1
votes

Just a few simple questions on the actual mechanism behind reading a file on s3 into an EMR cluster with Spark:

Does spark.read.format("com.databricks.spark.csv").load("s3://my/dataset/").where($"state" === "WA") communicate the whole dataset into the EMR cluster's local HDFS and then perform the filter after? Or does it filter records when bringing the dataset into the cluster? Or does it do neither? If this is the case, what's actually happening?

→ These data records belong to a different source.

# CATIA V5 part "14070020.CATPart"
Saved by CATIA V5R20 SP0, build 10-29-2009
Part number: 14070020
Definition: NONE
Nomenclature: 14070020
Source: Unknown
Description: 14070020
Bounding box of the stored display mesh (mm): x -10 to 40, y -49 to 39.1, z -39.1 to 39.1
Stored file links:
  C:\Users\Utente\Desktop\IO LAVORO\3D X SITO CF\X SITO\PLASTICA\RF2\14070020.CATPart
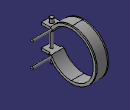
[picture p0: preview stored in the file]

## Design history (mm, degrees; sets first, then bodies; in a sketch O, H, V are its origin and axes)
Body1 "14070020" (main body)
  Solid1: solid without history

The official documentation lacks an explanation of what's going on (or if it does have an explanation, I cannot find it). Can someone explain, or link to a resource with such an explanation?

3

3 Answers

2
votes
  • Loading data from S3 (s3://-) usually goes via EMRFS in EMR
  • EMRFS directly access S3 (not via HDFS)
  • When Spark loads data from S3, they are stored as DataSet in the cluster according to StorageLevel(memory or disk)
  • Finally, Spark filters loaded data
2
votes

I can't speak for the closed source AWS one, but the ASF s3a: connector does its work in S3AInputStream

Reading data is via HTTPS, which has slow startup time, and if you need to stop the download before the GET is finished, forces you to abort the TCP stream and create a new one.

To keep this cost down the code has features like

  • Lazy seek: when you do a seek(), it updates its internal pointer but doesn't issue a new GET until you actually do a read.

  • chooses whether to abort() vs read to end on a GET based on how much is left

  • Has 3 IO modes:

"sequential", GET content range is from (pos, EOF). Best bandwidth, worst performance on seek. For: CSV, .gz, ...

"random": small GETs, min(block-size, length(read)). Best for columnar data (ORC, Parquet) compressed in a seekable format (snappy)

"adaptive" (new last week, based on some work from microsoft on the Azure WASB connector). Starts off sequential, as soon as you do a backwards seek switches to random IO

Code is all there, improvements welcome. The current perf work (especially random IO) based on TPC-DS benchmarking of ORC data on Hive, BTW)

Assuming you are reading CSV and filtering there, it'll be reading the entire CSV file and filtering. This is horribly inefficient for large files. Best to import into a column format and use predicate pushdown for the layers below to seek round the file for filtering and reading columns

1
votes

When you specify files located on S3 they are read into the cluster. The processing happens on the cluster nodes.

However, this may be changing with S3 Select, which is now in preview.